September – October 2015 Dmitri M. Bondarenko and Veronica V. Usacheva’s field research in the USA

Dmitri M. Bondarenko and Veronica V. Usacheva’s field research in the USA

Third season of field research by members of the Institute for African Studies in the USA, September – October 2015

From September 20 to October 6, 2015, the research into the mutual perceptions of, and relationship between recent migrants from sub-Saharan Africa and African Americans, launched by the Institute for African Studies in 2013, was continued in the cities of St. Louis, MO and New York, NY. The research is supported by the Russian Foundation for Humanities (projects 13-01-18036 and 14-01-00070). The fieldwork was done by the Institute Vice-Director Prof. Dmitri M. Bondarenko and Senior Research Fellow Dr. Veronica V. Usacheva.
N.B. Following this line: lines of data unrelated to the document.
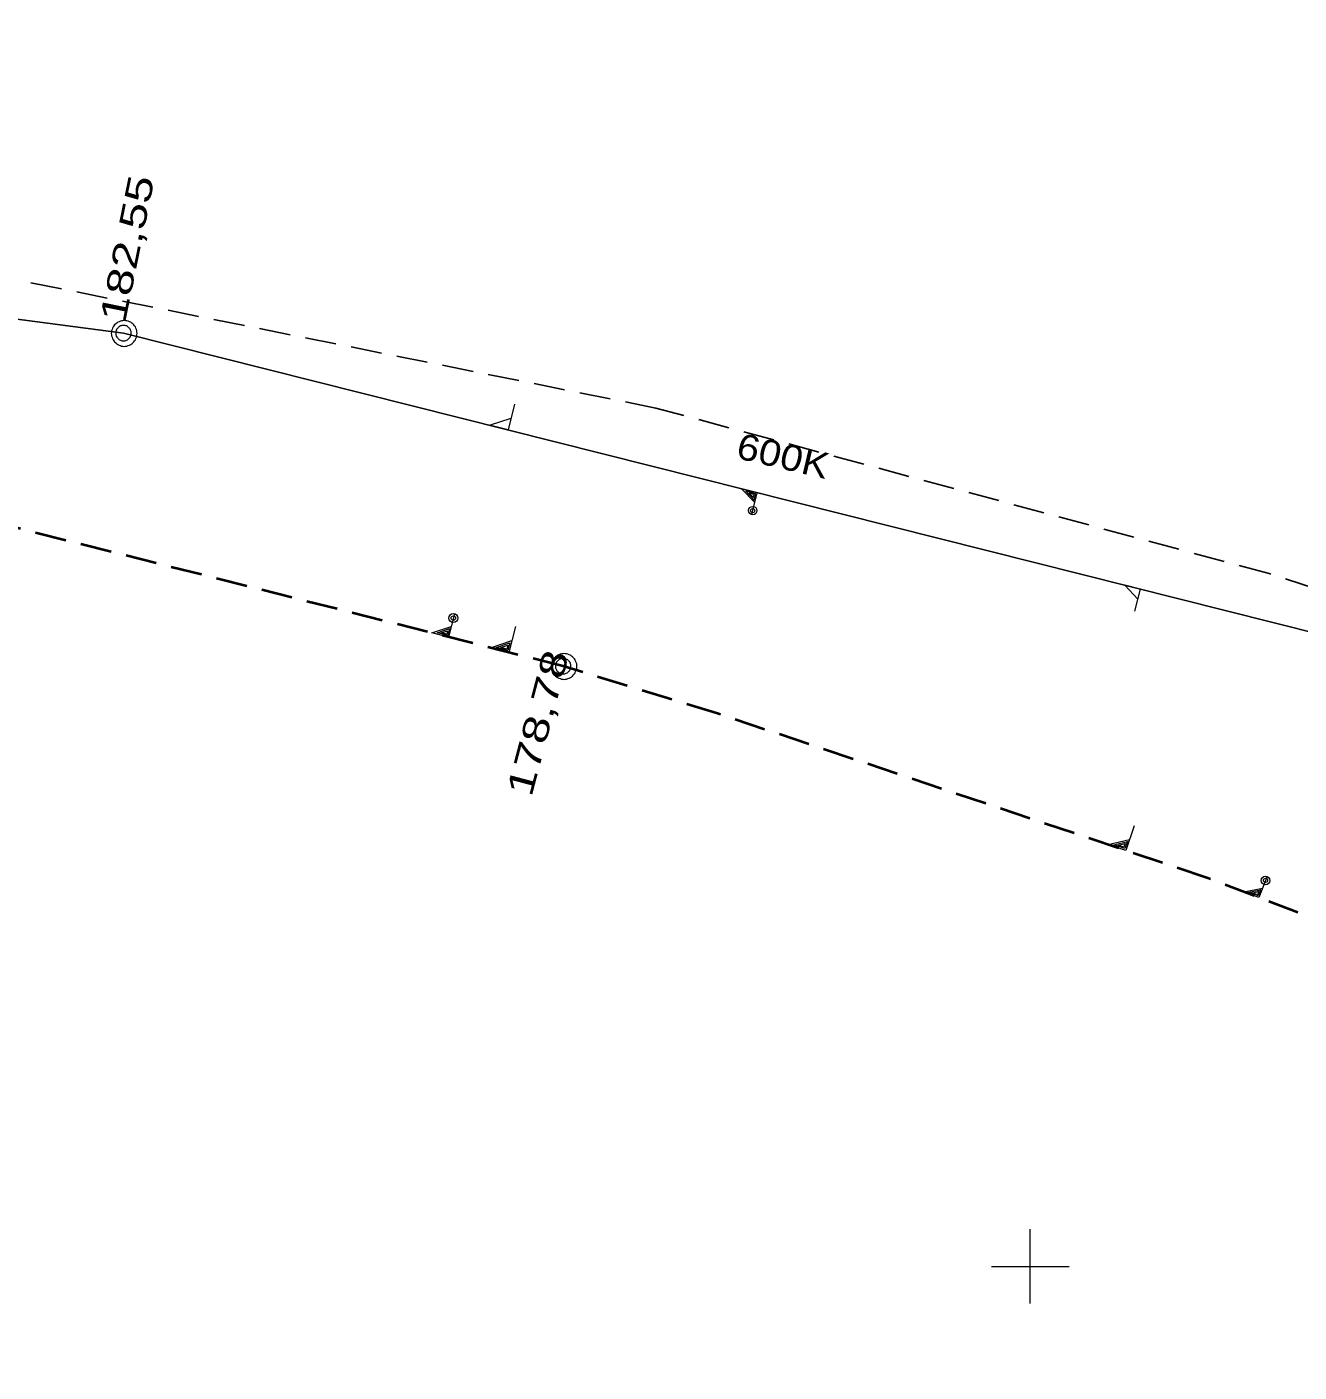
# Model space of a CAD drawing. Extents: x -740851 to -738888, y -1041382 to -1040235.
# Drawn here: x -739888.7 to -739839.6, y -1040504.1 to -1040452.2 of the extents above; entities that cross this region are included whole.
import ezdxf

# ---------------------------------------------------------------- set-up
doc = ezdxf.new("R2010")
doc.units = 0
doc.header["$LTSCALE"] = 0.4
doc.linetypes.add('MEDIUM_DASHED', pattern=[4.5, 3, -1.5])
for name, color, linetype, lineweight in [('1', 7, 'Continuous', 13), ('18', 7, 'Continuous', 13), ('8', 7, 'Continuous', 13)]:
    doc.layers.add(name, color=color, linetype=linetype, lineweight=lineweight)

msp = doc.modelspace()

# ---------------------------------------------------------------- linework, layer by layer
at = {"layer": '1'}
for p, q in [((-739850, -1040498.571), (-739850, -1040501.429)), ((-739851.48, -1040500), (-739848.48, -1040500))]:
    msp.add_line(p, q, dxfattribs=at)
at = {"layer": '18', "lineweight": 25}
msp.add_line((-739884.98, -1040463.99), (-739935.25, -1040457.45), dxfattribs=at)
at = {"layer": '18', "linetype": 'MEDIUM_DASHED', "lineweight": 40}
for points in [[(-739868.01, -1040476.84), (-739890.765, -1040471.085), (-739913.704, -1040466.108), (-739934.84, -1040462.24)], [(-739801.38, -1040504.08), (-739824.522, -1040492.113), (-739843.173, -1040485.007), (-739862.094, -1040478.655), (-739868.01, -1040476.84)]]:
    msp.add_lwpolyline(points, dxfattribs=at)
at = {"layer": '18'}
for points in [[(-739884.45, -1040464), (-739884.46, -1040463.95), (-739884.46, -1040463.9), (-739884.48, -1040463.85), (-739884.5, -1040463.8), (-739884.52, -1040463.75), (-739884.55, -1040463.71), (-739884.58, -1040463.67), (-739884.62, -1040463.63), (-739884.66, -1040463.6), (-739884.7, -1040463.57), (-739884.75, -1040463.55), (-739884.8, -1040463.53), (-739884.85, -1040463.51), (-739884.9, -1040463.51), (-739884.95, -1040463.5), (-739885, -1040463.51), (-739885.05, -1040463.51), (-739885.1, -1040463.53), (-739885.15, -1040463.55), (-739885.2, -1040463.57), (-739885.24, -1040463.6), (-739885.28, -1040463.63), (-739885.32, -1040463.67), (-739885.35, -1040463.71), (-739885.38, -1040463.75), (-739885.4, -1040463.8), (-739885.42, -1040463.85), (-739885.44, -1040463.9), (-739885.44, -1040463.95), (-739885.45, -1040464), (-739885.44, -1040464.05), (-739885.44, -1040464.1), (-739885.42, -1040464.15), (-739885.4, -1040464.2), (-739885.38, -1040464.25), (-739885.35, -1040464.29), (-739885.32, -1040464.33), (-739885.28, -1040464.37), (-739885.24, -1040464.4), (-739885.2, -1040464.43), (-739885.15, -1040464.45), (-739885.1, -1040464.47), (-739885.05, -1040464.49), (-739885, -1040464.49), (-739884.95, -1040464.5), (-739884.9, -1040464.49), (-739884.85, -1040464.49), (-739884.8, -1040464.47), (-739884.75, -1040464.45), (-739884.7, -1040464.43), (-739884.66, -1040464.4), (-739884.62, -1040464.37), (-739884.58, -1040464.33), (-739884.55, -1040464.29), (-739884.52, -1040464.25), (-739884.5, -1040464.2), (-739884.48, -1040464.15), (-739884.46, -1040464.1), (-739884.46, -1040464.05)], [(-739884.68, -1040463.99), (-739884.68, -1040463.96), (-739884.686, -1040463.93), (-739884.692, -1040463.9), (-739884.704, -1040463.87), (-739884.722, -1040463.84), (-739884.74, -1040463.816), (-739884.758, -1040463.792), (-739884.782, -1040463.768), (-739884.806, -1040463.75), (-739884.83, -1040463.732), (-739884.86, -1040463.714), (-739884.89, -1040463.702), (-739884.92, -1040463.696), (-739884.95, -1040463.69), (-739884.98, -1040463.69), (-739885.01, -1040463.69), (-739885.04, -1040463.696), (-739885.07, -1040463.702), (-739885.1, -1040463.714), (-739885.13, -1040463.732), (-739885.154, -1040463.75), (-739885.178, -1040463.768), (-739885.202, -1040463.792), (-739885.22, -1040463.816), (-739885.238, -1040463.84), (-739885.256, -1040463.87), (-739885.268, -1040463.9), (-739885.274, -1040463.93), (-739885.28, -1040463.96), (-739885.28, -1040463.99), (-739885.28, -1040464.02), (-739885.274, -1040464.05), (-739885.268, -1040464.08), (-739885.256, -1040464.11), (-739885.238, -1040464.14), (-739885.22, -1040464.164), (-739885.202, -1040464.188), (-739885.178, -1040464.212), (-739885.154, -1040464.23), (-739885.13, -1040464.248), (-739885.1, -1040464.266), (-739885.07, -1040464.278), (-739885.04, -1040464.284), (-739885.01, -1040464.29), (-739884.98, -1040464.29), (-739884.95, -1040464.29), (-739884.92, -1040464.284), (-739884.89, -1040464.278), (-739884.86, -1040464.266), (-739884.83, -1040464.248), (-739884.806, -1040464.23), (-739884.782, -1040464.212), (-739884.758, -1040464.188), (-739884.74, -1040464.164), (-739884.722, -1040464.14), (-739884.704, -1040464.11), (-739884.692, -1040464.08), (-739884.686, -1040464.05), (-739884.68, -1040464.02)], [(-739867.48, -1040476.85), (-739867.49, -1040476.8), (-739867.49, -1040476.75), (-739867.51, -1040476.7), (-739867.53, -1040476.65), (-739867.55, -1040476.6), (-739867.58, -1040476.56), (-739867.61, -1040476.52), (-739867.65, -1040476.48), (-739867.69, -1040476.45), (-739867.73, -1040476.42), (-739867.78, -1040476.4), (-739867.83, -1040476.38), (-739867.88, -1040476.36), (-739867.93, -1040476.36), (-739867.98, -1040476.35), (-739868.03, -1040476.36), (-739868.08, -1040476.36), (-739868.13, -1040476.38), (-739868.18, -1040476.4), (-739868.23, -1040476.42), (-739868.27, -1040476.45), (-739868.31, -1040476.48), (-739868.35, -1040476.52), (-739868.38, -1040476.56), (-739868.41, -1040476.6), (-739868.43, -1040476.65), (-739868.45, -1040476.7), (-739868.47, -1040476.75), (-739868.47, -1040476.8), (-739868.48, -1040476.85), (-739868.47, -1040476.9), (-739868.47, -1040476.95), (-739868.45, -1040477), (-739868.43, -1040477.05), (-739868.41, -1040477.1), (-739868.38, -1040477.14), (-739868.35, -1040477.18), (-739868.31, -1040477.22), (-739868.27, -1040477.25), (-739868.23, -1040477.28), (-739868.18, -1040477.3), (-739868.13, -1040477.32), (-739868.08, -1040477.34), (-739868.03, -1040477.34), (-739867.98, -1040477.35), (-739867.93, -1040477.34), (-739867.88, -1040477.34), (-739867.83, -1040477.32), (-739867.78, -1040477.3), (-739867.73, -1040477.28), (-739867.69, -1040477.25), (-739867.65, -1040477.22), (-739867.61, -1040477.18), (-739867.58, -1040477.14), (-739867.55, -1040477.1), (-739867.53, -1040477.05), (-739867.51, -1040477), (-739867.49, -1040476.95), (-739867.49, -1040476.9)], [(-739867.71, -1040476.84), (-739867.71, -1040476.81), (-739867.716, -1040476.78), (-739867.722, -1040476.75), (-739867.734, -1040476.72), (-739867.752, -1040476.69), (-739867.77, -1040476.666), (-739867.788, -1040476.642), (-739867.812, -1040476.618), (-739867.836, -1040476.6), (-739867.86, -1040476.582), (-739867.89, -1040476.564), (-739867.92, -1040476.552), (-739867.95, -1040476.546), (-739867.98, -1040476.54), (-739868.01, -1040476.54), (-739868.04, -1040476.54), (-739868.07, -1040476.546), (-739868.1, -1040476.552), (-739868.13, -1040476.564), (-739868.16, -1040476.582), (-739868.184, -1040476.6), (-739868.208, -1040476.618), (-739868.232, -1040476.642), (-739868.25, -1040476.666), (-739868.268, -1040476.69), (-739868.286, -1040476.72), (-739868.298, -1040476.75), (-739868.304, -1040476.78), (-739868.31, -1040476.81), (-739868.31, -1040476.84), (-739868.31, -1040476.87), (-739868.304, -1040476.9), (-739868.298, -1040476.93), (-739868.286, -1040476.96), (-739868.268, -1040476.99), (-739868.25, -1040477.014), (-739868.232, -1040477.038), (-739868.208, -1040477.062), (-739868.184, -1040477.08), (-739868.16, -1040477.098), (-739868.13, -1040477.116), (-739868.1, -1040477.128), (-739868.07, -1040477.134), (-739868.04, -1040477.14), (-739868.01, -1040477.14), (-739867.98, -1040477.14), (-739867.95, -1040477.134), (-739867.92, -1040477.128), (-739867.89, -1040477.116), (-739867.86, -1040477.098), (-739867.836, -1040477.08), (-739867.812, -1040477.062), (-739867.788, -1040477.038), (-739867.77, -1040477.014), (-739867.752, -1040476.99), (-739867.734, -1040476.96), (-739867.722, -1040476.93), (-739867.716, -1040476.9), (-739867.71, -1040476.87)]]:
    msp.add_lwpolyline(points, close=True, dxfattribs=at)
at = {"layer": '18', "lineweight": 25}
msp.add_lwpolyline([(-739795.67, -1040490.17), (-739836.89, -1040476.1), (-739884.98, -1040463.99)], dxfattribs=at)
at = {"layer": '18'}
for points in [[(-739869.885, -1040466.725), (-739870.137, -1040467.725), (-739870.85, -1040467.546), (-739870.023, -1040467.274)], [(-739860.736, -1040470.99), (-739860.524, -1040470.148), (-739861.124, -1040469.997), (-739860.62, -1040470.528)], [(-739860.643, -1040470.432), (-739860.581, -1040470.188), (-739860.964, -1040470.091), (-739860.639, -1040470.434)], [(-739860.665, -1040470.333), (-739860.634, -1040470.211), (-739860.831, -1040470.161), (-739860.661, -1040470.334)], [(-739845.948, -1040474.72), (-739845.735, -1040473.873), (-739846.34, -1040473.72), (-739845.831, -1040474.255)], [(-739872.206, -1040474.821), (-739872.433, -1040475.719), (-739873.074, -1040475.557), (-739872.33, -1040475.314)], [(-739872.4, -1040475.392), (-739872.467, -1040475.654), (-739872.876, -1040475.55), (-739872.396, -1040475.393)], [(-739872.471, -1040475.474), (-739872.504, -1040475.605), (-739872.714, -1040475.552), (-739872.467, -1040475.476)], [(-739869.853, -1040475.308), (-739870.105, -1040476.308), (-739870.819, -1040476.127), (-739869.991, -1040475.856)], [(-739870.069, -1040475.943), (-739870.143, -1040476.235), (-739870.599, -1040476.119), (-739870.064, -1040475.945)], [(-739870.148, -1040476.035), (-739870.185, -1040476.181), (-739870.419, -1040476.122), (-739870.144, -1040476.036)], [(-739845.98, -1040483.002), (-739846.3, -1040483.955), (-739846.98, -1040483.726), (-739846.156, -1040483.525)], [(-739846.238, -1040483.604), (-739846.331, -1040483.881), (-739846.765, -1040483.735), (-739846.233, -1040483.605)], [(-739846.321, -1040483.687), (-739846.368, -1040483.826), (-739846.591, -1040483.751), (-739846.317, -1040483.688)], [(-739840.847, -1040484.956), (-739841.158, -1040485.772), (-739841.741, -1040485.551), (-739841.018, -1040485.404)], [(-739841.092, -1040485.47), (-739841.183, -1040485.707), (-739841.555, -1040485.566), (-739841.088, -1040485.471)], [(-739841.168, -1040485.539), (-739841.213, -1040485.658), (-739841.404, -1040485.585), (-739841.164, -1040485.541)]]:
    msp.add_lwpolyline(points, dxfattribs=at)
for centre, radius in [((-739860.697, -1040470.836), 0.163), ((-739860.699, -1040470.838), 0.0807), ((-739872.248, -1040474.986), 0.174), ((-739872.249, -1040474.985), 0.0862), ((-739840.905, -1040485.107), 0.165), ((-739840.905, -1040485.105), 0.0813)]:
    msp.add_circle(centre, radius, dxfattribs=at)
at = {"layer": '8', "linetype": 'MEDIUM_DASHED', "lineweight": 25}
msp.add_lwpolyline([(-739809.48, -1040483.712), (-739832.13, -1040476.03), (-739840.77, -1040473.27), (-739864.43, -1040466.88), (-739898.28, -1040460.1), (-739963.421, -1040452.173)], dxfattribs=at)

# ---------------------------------------------------------------- texts
at = {"layer": '18'}
for s, rotation, width, p in [('182,55', 78.451, 1.4, (-739884.923, -1040463.632)), ('600K', 346.811, 1.15, (-739861.385, -1040468.802)), ('178,78', 75.233, 1.4, (-739869.238, -1040481.924))]:
    msp.add_text(s, height=1, rotation=rotation, dxfattribs=dict(at, width=width)).set_placement(p)

doc.saveas('drawing.dxf')

St. Louis was selected as a connecting link, in terms of geography, history, and culture, between the US North and South, where fieldwork was conducted in the first and second seasons respectively. In the past, this city in the center of the country was located on the border of two worlds: slave owning South and free North. The work on the Project in different parts of the US has convinced that the cultural border between the North and the South, that formed because of differences in their history, due to the slavery of Blacks first and foremost, persists in this day. It remains an important cultural and socio-political factor in public life, and the “Northerners” and “Southerners” are still well recognizable characters. Besides, St. Louis represented one more settlement type covered by the study – neither a town nor a megacity, but a middle-range city.
In New York, the biggest center of attraction for migrants from Africa and at the same time home for a huge African American community, the repeated (after 2013) research was conducted in selected specific city areas with the aim to deepen understanding of mutual perceptions and relationship between Africans and Black Americans in the situation when they live literally next door to each other. Two neighborhoods were selected, and those were Harlem on Manhattan and Jamaica in Queens.
The set of methods used in the third season was a combination of those used previously and some new ones. Extensive structured interviews were supplemented by informal talks with people met on the streets of Black and non-Black neighborhoods, in different establishments run by African migrants and African Americans, etc. The method of observation was used especially actively while visiting Black neighborhoods in both cities. Serious attention was also paid to the museums, the expositions of which, permanent and temporal, show how African Americans and Africans, their history and culture are represented nowadays, particularly by themselves in the museums created and served by Black activists. Local press, for example, the St. Louis American weekly, a mouthpiece of the city’s African American community, was analyzed.
In total, in three field seasons, of 2013, 2014, and 2015, the project participants (Dmitri M. Bondarenko, Veronica V. Usacheva, and Alexander E. Zhukov) recorded 196 interviews and conversations of different duration and degree of structuring, made notes of observations of many events in life of African Americans and African migrants; the photo archive consists of 806 photos. The research team members believe that the scope and quality of the collected evidence allows to make valid conclusions about the mutual perceptions of, and actual relations between African Americans and sub-Saharan African migrants.
The participants of the research express sincere appreciation to their American colleague Dr. Anika Walke for her inestimable support in its organization and conducting.